2 政府が2018年度中を目途に行うとしている、東日本大震災津波の復興・創生期間における基本方針の見直しに当たっては、切れ目のない被災者支援と産業・生業の再生に係る支援措置の継続・強化に力点を置き、国が定める復興期間(10年)にかかわらず、地方公共団体が施策を進めるために必要な復興事業費総額の確保を図ること。
3 災害時においても住民の命と財産を守る防災・減災事業は、これまで以上に重要であり、自治体庁舎をはじめとした公共施設等の耐震化や緊急防災・減災事業の対象事業の拡充と十分な期間の確保を行うこと。
4 地方交付税の財源保障機能・財政調整機能の強化を図り、市町村合併の算定特例の終了を踏まえた新たな財政需要の把握、小規模地方公共団体に配慮した段階補正の強化などの対策を講じること。
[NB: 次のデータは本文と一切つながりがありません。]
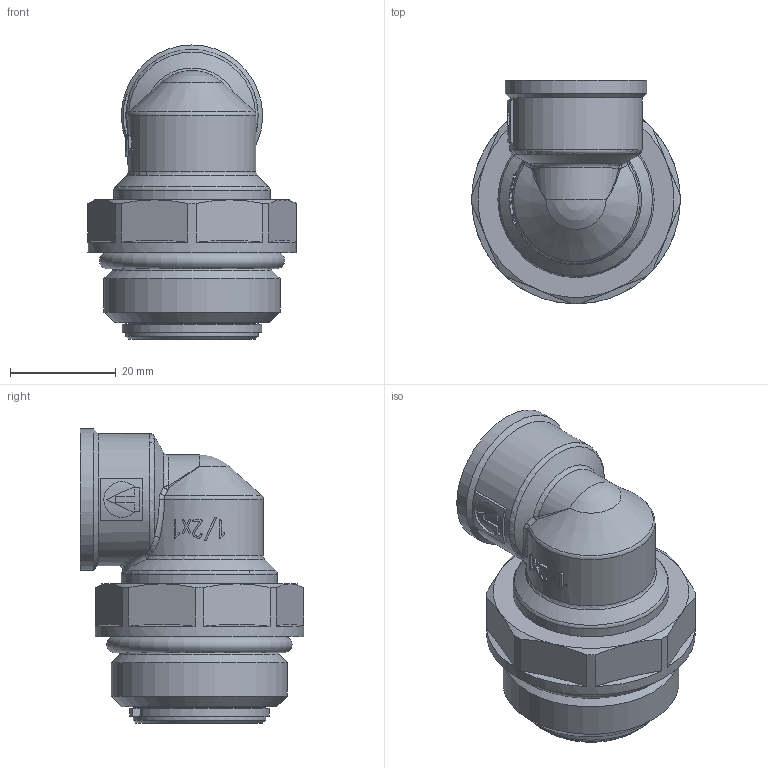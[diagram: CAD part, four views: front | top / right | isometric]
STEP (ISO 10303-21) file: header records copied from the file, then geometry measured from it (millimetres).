
FILE_DESCRIPTION(('STEP AP242'), '1');
FILE_NAME('VTc.631.N.0604', '', ('UNSPECIFIED'), ('UNSPECIFIED'), 'C3D Converter', 'C3D Toolkit', '');
FILE_SCHEMA(('AP242_MANAGED_MODEL_BASED_3D_ENGINEERING_MIM_LF { 1 0 10303 442 1 1 4 }'));
Length unit declared in the file: millimetre
Products named in the file (1): ВР.302635.094.000 СБ
Bounding box: 39.4 x 42.2 x 55.55 mm (x, y, z)
Volume: 22868.1 mm3; surface area: 11849.5 mm2
Topology: 1 solids, 1 shells, 221 faces, 579 edges, 369 vertices
Faces by surface type: plane 68, extrusion 66, cone 28, cylinder 26, bspline 20, torus 11, sphere 2
Full cylindrical faces by diameter (mm): 18.632 x1, 20 x1, 21.5 x1, 25 x3, 25.1 x1, 26.7 x1, 29.5 x1, 29.9 x1, 33.249 x1, 39.4 x1
Entity records: 10084 total; most frequent: CARTESIAN_POINT 5334, ORIENTED_EDGE 1100, DIRECTION 713, EDGE_CURVE 550, VERTEX_POINT 369, B_SPLINE_CURVE_WITH_KNOTS 292, EDGE_LOOP 261, AXIS2_PLACEMENT_3D 243
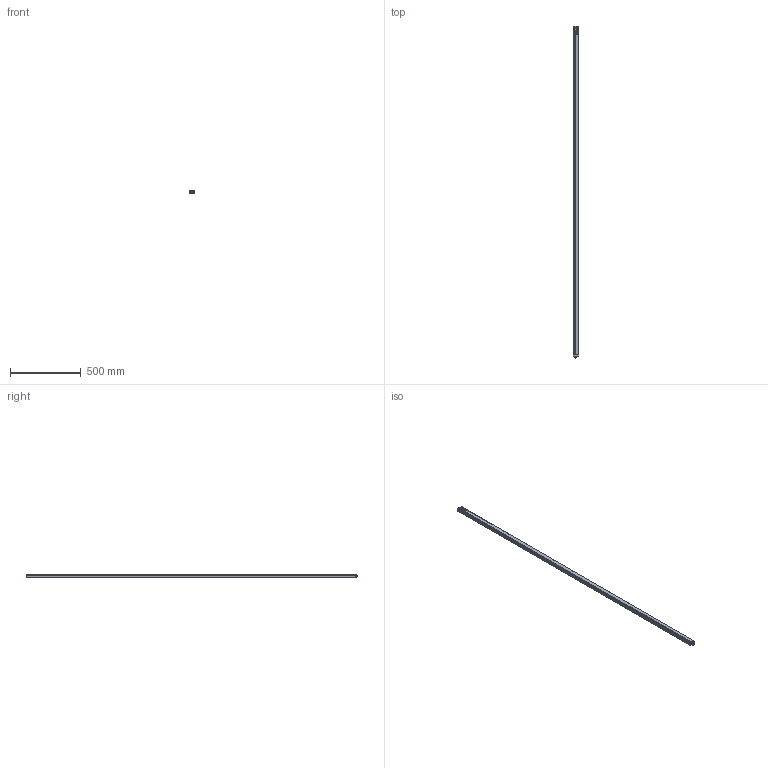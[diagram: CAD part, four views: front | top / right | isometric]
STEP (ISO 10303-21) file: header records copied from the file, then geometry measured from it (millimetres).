
FILE_DESCRIPTION(/* description */ (''),/* implementation_level */ '2;1');
FILE_NAME(/* name */ 'C:\Users\andre\SynologyDrive\Optoscan\Libreria Componenti\00 - Barriere\Barriera sorgente\Argo_2320_TX.stp',/* time_stamp */ '2021-04-22T10:31:58+02:00',/* author */ ('andre'),/* organization */ (''),/* preprocessor_version */ 'ST-DEVELOPER v18',/* originating_system */ 'Autodesk Inventor 2020',/* authorisation */ '');
FILE_SCHEMA (('AUTOMOTIVE_DESIGN { 1 0 10303 214 3 1 1 }'));
Length unit declared in the file: millimetre
Products named in the file (1): Argo_2320_TX
Bounding box: 40.5 x 2353.3 x 20.75 mm (x, y, z)
Volume: 462979 mm3; surface area: 610703.2 mm2
Topology: 1 solids, 1 shells, 696 faces, 1911 edges, 1225 vertices
Faces by surface type: plane 321, cylinder 195, bspline 94, torus 72, cone 8, sphere 6
Full cylindrical faces by diameter (mm): 1 x4, 2.459 x4, 2.5 x4, 3 x4, 3.5 x4, 5.5 x4, 8 x1, 10.5 x2, 11.75 x9, 15.7 x1, 17.5 x1
Entity records: 30770 total; most frequent: CARTESIAN_POINT 12670, ORIENTED_EDGE 3806, DIRECTION 3415, EDGE_CURVE 1903, VERTEX_POINT 1225, AXIS2_PLACEMENT_3D 1193, LINE 1029, VECTOR 1029
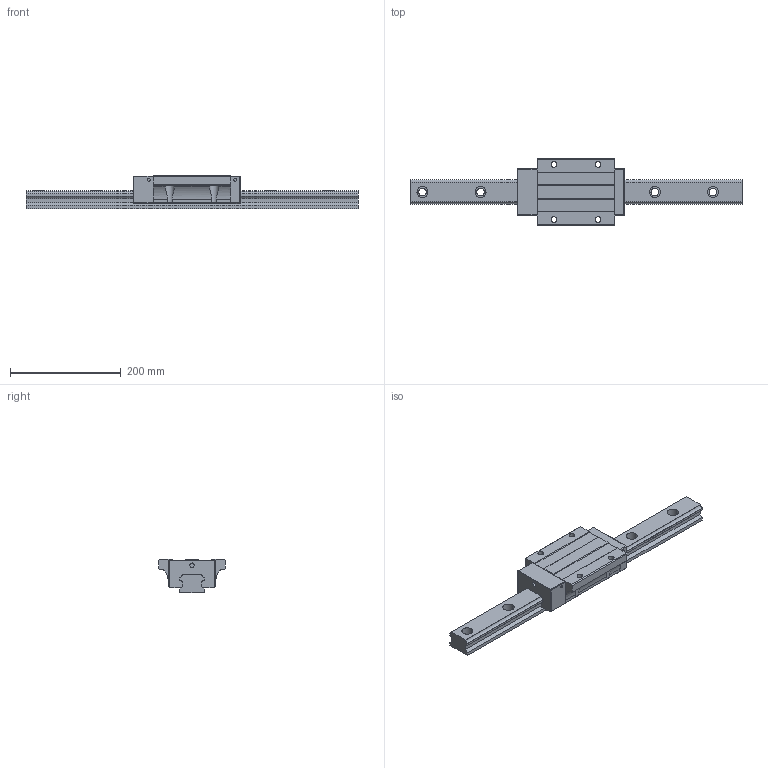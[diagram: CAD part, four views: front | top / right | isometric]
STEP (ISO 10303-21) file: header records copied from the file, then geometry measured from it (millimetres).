
FILE_DESCRIPTION (( 'STEP AP203' ), '1' );
FILE_NAME ('TRH45FE-BN.STEP', '2024-06-26T08:01:02', ( '' ), ( '' ), 'SwSTEP 2.0', 'SolidWorks 2022', '' );
FILE_SCHEMA (( 'CONFIG_CONTROL_DESIGN' ));
Length unit declared in the file: millimetre
Products named in the file (1): TRH45FE-BN
Bounding box: 600 x 120 x 60 mm (x, y, z)
Volume: 1431314.1 mm3; surface area: 189271.6 mm2
Topology: 2 solids, 2 shells, 214 faces, 582 edges, 380 vertices
Faces by surface type: cylinder 114, plane 96, sphere 4
Entity records: 7369 total; most frequent: CARTESIAN_POINT 1749, DIRECTION 1172, ORIENTED_EDGE 1156, EDGE_CURVE 578, AXIS2_PLACEMENT_3D 411, VERTEX_POINT 380, VECTOR 350, LINE 350

併せて、地方交付税原資の確保のため、対象国税4税(所得税・法人税・酒税・消費税)の法定率の引き上げを行うこと。また、人口急減・急増自治体の行財政運営に支障が生じることがないよう、地方交付税算定のあり方を引き続き検討すること。
5 地方公共団体の基金残高を、地方財政計画や地方交付税に反映させないこと。
 6 地方公共団体における会計年度任用職員制度導入に当たっての臨時・非常勤職員の処遇改善に係る地方財政措置を適切に講じること。併せて、地方公共団体の公務運営に当たっては、任期の定めのない常勤職員を中心とする公務運営の原則を維持する観点から、常勤の地方公務員の確保に係る地方財政措置の拡充を図ること。


受理番号:71
受理年月日:平成30年6月28日

日米合同委員会での合意に沿わない米軍機の低空飛行訓練は中止するよう国に求める請願


(要旨)
 去る4月2日、動画投稿サイトYouTubeに、在日米軍三沢基地(青森県)第35戦闘航空団所属のアメリカ空軍F-16ファイティング・ファルコン戦闘機による日本の山間部での低空飛行訓練のコックピットからの映像が掲載された。(USA Military Channel)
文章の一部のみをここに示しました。